Tarihin bilinen ilk devirlerinden itibaren Türkler, bilhassa orduya ve eğitime önem vermişler, bu ordular sayesinde tarihte devletler, imparatorluklar ve hatta cihan imparatorlukları kurmuşlar, hak ve adaletin savunucusu olmuşlardır. Bu orduların en önemlisi Kara Kuvvetleri dediğimiz kara ordusudur.

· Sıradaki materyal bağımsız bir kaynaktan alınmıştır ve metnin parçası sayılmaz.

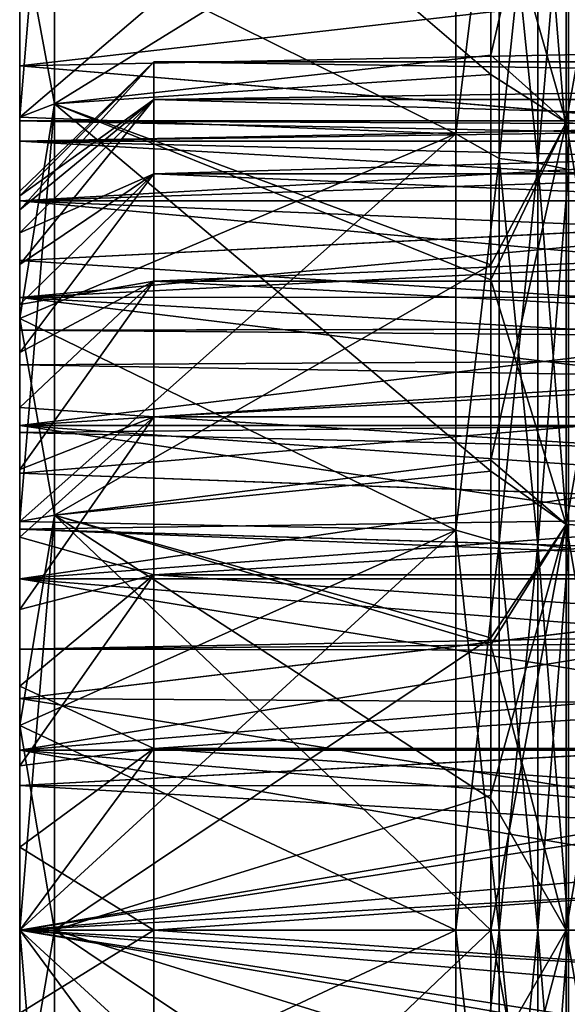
# Model space of a CAD drawing. Header units: metres. Extents: x 26 to 263, y -109 to 109.
# Tile 297 of 656: x 26.26 to 30.34, y 75.75 to 83.08. Entities that reach past the tile are written whole.
import ezdxf

# ---------------------------------------------------------------- set-up
doc = ezdxf.new("R2010")
doc.units = ezdxf.units.M
doc.layers.add('solid_500750', color=7, linetype='CONTINUOUS')

msp = doc.modelspace()

# ---------------------------------------------------------------- linework, layer by layer
at = {"layer": 'solid_500750'}
for points in [[(26.260599, 82.352249, 23.256989), (26.521072, 82.450668, 24.742977), (26.521072, 85.456306, 24.013817)], [(26.260599, 82.352249, 23.256989), (26.521072, 85.456306, 24.013817), (26.260599, 83.837921, 22.923368)], [(26.260599, 83.837921, -37.262779), (26.521072, 85.456306, -38.353226), (26.521072, 82.450668, -39.08239)], [(26.521072, 85.456306, -38.353226), (29.768578, 84.282326, -38.08313), (29.768578, 82.668648, -38.455448)], [(26.521072, 82.450668, -39.08239), (26.521072, 85.456306, -38.353226), (29.768578, 82.668648, -38.455448)], [(26.521072, 85.456306, 24.013817), (26.521072, 82.450668, 24.742977), (29.768578, 84.458839, 23.697603)], [(30.32963, 82.311882, -38.362328), (29.768578, 84.282326, -38.08313), (30.32963, 85.24971, -37.64962)], [(30.32963, 85.24971, 23.310209), (29.768578, 84.458839, 23.697603), (29.768578, 82.812347, 24.086441)], [(30.32963, 85.24971, 23.310209), (29.768578, 82.812347, 24.086441), (30.32963, 82.311882, 24.022917)], [(30.32963, 85.24971, 23.310209), (30.32963, 82.311882, 24.022917), (30.847132, 85.172287, 23.046528)], [(30.32963, 85.24971, -37.64962), (30.847132, 85.172287, -37.385941), (30.847132, 82.25988, -38.092484)], [(30.32963, 82.311882, -38.362328), (30.32963, 85.24971, -37.64962), (30.847132, 82.25988, -38.092484)], [(30.32963, 82.311882, 24.022917), (30.847132, 82.25988, 23.753071), (30.847132, 85.172287, 23.046528)], [(26.260599, 83.837921, 22.923368), (29.508106, 85.122437, 21.974371), (29.508106, 82.227692, 22.69792)], [(26.260599, 82.352249, -37.596401), (29.508106, 82.227699, -37.037331), (29.508106, 85.122375, -36.313801)], [(26.260599, 83.837921, -37.262779), (26.260599, 82.352249, -37.596401), (29.508106, 85.122375, -36.313801)], [(29.83115, 84.850136, 21.949373), (29.508106, 82.227692, 22.69792), (29.508106, 85.122437, 21.974371)], [(29.83115, 84.850136, -36.288784), (29.508106, 85.122375, -36.313801), (29.508106, 82.227699, -37.037331)], [(29.83115, 84.850136, 21.949373), (29.83115, 82.043472, 22.630262), (29.508106, 82.227692, 22.69792)], [(29.83115, 82.043472, -36.969673), (29.83115, 84.850136, -36.288784), (29.508106, 82.227699, -37.037331)], [(30.117727, 82.008949, 22.451147), (29.83115, 82.043472, 22.630262), (29.83115, 84.850136, 21.949373)], [(30.117727, 84.798744, 21.774351), (30.117727, 82.008949, 22.451147), (29.83115, 84.850136, 21.949373)], [(30.117727, 84.798744, -36.113762), (29.83115, 84.850136, -36.288784), (29.83115, 82.043472, -36.969673)], [(30.117727, 82.008949, -36.790558), (30.117727, 84.798744, -36.113762), (29.83115, 82.043472, -36.969673)], [(30.347261, 81.961555, 22.205244), (30.117727, 82.008949, 22.451147), (30.117727, 84.798744, 21.774351)], [(30.347261, 84.728188, 21.534067), (30.347261, 81.961555, 22.205244), (30.117727, 84.798744, 21.774351)], [(30.347261, 84.728188, -35.873478), (30.117727, 84.798744, -36.113762), (30.117727, 82.008949, -36.790558)], [(30.347261, 81.961555, -36.544655), (30.347261, 84.728188, -35.873478), (30.117727, 82.008949, -36.790558)], [(26.521072, 82.450668, 24.742977), (29.768578, 82.812347, 24.086441), (29.768578, 84.458839, 23.697603)], [(30.32963, 82.311882, -38.362328), (29.768578, 82.668648, -38.455448), (29.768578, 84.282326, -38.08313)], [(26.260599, 82.733322, -15.4363), (26.260599, 82.733322, 1.09689), (26.260599, 84.006218, -0.074784)], [(36.960598, 83.95945, -0.024188), (26.260599, 84.006218, -0.074784), (26.260599, 82.733322, 1.09689)], [(26.260599, 82.733322, -15.4363), (26.260599, 84.006218, -0.074784), (26.260599, 84.006218, -14.264627)], [(36.960598, 82.950226, -15.262919), (26.260599, 82.733322, -15.4363), (26.260599, 84.006218, -14.264627)], [(36.960598, 83.960175, -14.314452), (36.960598, 82.950226, -15.262919), (26.260599, 84.006218, -14.264627)], [(36.960598, 82.949242, 0.924317), (36.960598, 83.95945, -0.024188), (26.260599, 82.733322, 1.09689)], [(26.260599, 83.837921, -37.262779), (26.521072, 82.450668, -39.08239), (26.260599, 82.352249, -37.596401)], [(26.260599, 82.352249, 23.256989), (26.260599, 83.837921, 22.923368), (29.508106, 82.227692, 22.69792)], [(36.960598, 82.950226, -15.262919), (36.960598, 81.825073, -16.069096), (26.260599, 82.733322, -15.4363)], [(36.960598, 81.823837, 1.730454), (36.960598, 82.949242, 0.924317), (26.260599, 82.733322, 1.09689)], [(27.260599, 82.764389, -7.849141), (26.260599, 81.765427, -7.785118), (26.260599, 81.799904, -7.169705)], [(27.260599, 82.764389, -7.849141), (27.260599, 82.481865, -9.178316), (26.260599, 81.765427, -7.785118)], [(27.260599, 82.764389, -6.490271), (26.260599, 81.799904, -7.169705), (26.260599, 81.765427, -6.554293)], [(27.260599, 82.764389, -6.490271), (27.260599, 82.764389, -7.849141), (26.260599, 81.799904, -7.169705)], [(27.260599, 82.764389, -6.490271), (26.260599, 81.765427, -6.554293), (26.260599, 81.662003, -5.945492)], [(27.260599, 82.481865, -5.161095), (27.260599, 82.764389, -6.490271), (26.260599, 81.662003, -5.945492)], [(26.521072, 82.450668, 24.742977), (29.768578, 81.252373, 24.371243), (29.768578, 82.812347, 24.086441)], [(27.260599, 82.764389, -6.490271), (46.260601, 82.76429, -6.489968), (46.260601, 82.76429, -7.849443)], [(27.260599, 82.481865, -5.161095), (46.260601, 82.76429, -6.489968), (27.260599, 82.764389, -6.490271)], [(27.260599, 82.764389, -7.849141), (46.260601, 82.76429, -7.849443), (46.260601, 82.481865, -9.178316)], [(27.260599, 82.764389, -6.490271), (46.260601, 82.76429, -7.849443), (27.260599, 82.764389, -7.849141)], [(27.260599, 82.764389, -7.849141), (46.260601, 82.481865, -9.178316), (27.260599, 82.481865, -9.178316)], [(27.260599, 82.481865, -5.161095), (46.260601, 82.481865, -5.161095), (46.260601, 82.76429, -6.489968)], [(30.32963, 82.311882, 24.022917), (29.768578, 82.812347, 24.086441), (29.768578, 81.252373, 24.371243)], [(26.260599, 82.733322, -15.4363), (26.260599, 82.173958, -8.509918), (26.260599, 82.324997, -7.169705)], [(26.260599, 81.284988, -16.382448), (26.260599, 82.173958, -8.509918), (26.260599, 82.733322, -15.4363)], [(26.260599, 82.733322, 1.09689), (26.260599, 82.324997, -7.169705), (26.260599, 82.173958, -5.829493)], [(26.260599, 82.733322, -15.4363), (26.260599, 82.324997, -7.169705), (26.260599, 82.733322, 1.09689)], [(26.260599, 82.733322, 1.09689), (26.260599, 82.173958, -5.829493), (26.260599, 81.728142, -4.555441)], [(26.260599, 82.733322, 1.09689), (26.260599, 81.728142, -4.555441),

Kara Kuvvetlerinin vazifesi, düşmanı saldırıdan caydırmak, saldırıları tesirsiz hâle getirmek, mümkünse yok etmek ve millî menfaatin gözetilip sağlanmasında gereken harekâtı yapmaktır. Türk Kara Kuvvetlerinin teşkilâtlı bir şekilde kuruluşu, Büyük Hun İmparatorluğunda, Mete zamanında M.Ö.209 senesinde olmuştur. Bu tarih, Türk Kara Kuvvetlerinin ilk kuruluş yılı olarak kabul edilmektedir. Türkler kendi yaptıkları sapan, ok, yay, kargı ve topuzu savaşlarda kullanırlardı. Genel olarak Türk kuvvetlerinde itaat, disiplin, savaşma azmi çok yüksek olup çocuklar küçük yaştan itibaren asker olarak yetiştirilirlerdi. Ata binmek, ok atmak herkesin en tabii haklarındandı. En önemli sporları ise avcılıktı, bilhassa sürek avları hakiki bir savaş manevrası özelliğini taşırdı.
Hükümdar aynı zamanda ordunun başkomutanıydı. Bu durum, Osmanlılar dâhil bütün Türk devletlerinde hiç değişmemiştir. Eski Türk devletlerinde en büyük rütbe Kaanlık olup, sonra Yabguluk rütbesi gelirdi. Komutanlara tuğ verilir, savaştaki başarısına göre rütbesi ve tuğu arttırılırdı. Türk ordusu onluk sisteme göre teşkil edilirdi. Birlikler on, yüz, bin ve tumane (toman, tümen) denilen on binlik de binliklere bölünürdü. Bunların komutanlarına Onbaşı, Yüzbaşı, Binbaşı, Tumanbaşı, Tomanbey veya Tümenbeyi denilmektedir.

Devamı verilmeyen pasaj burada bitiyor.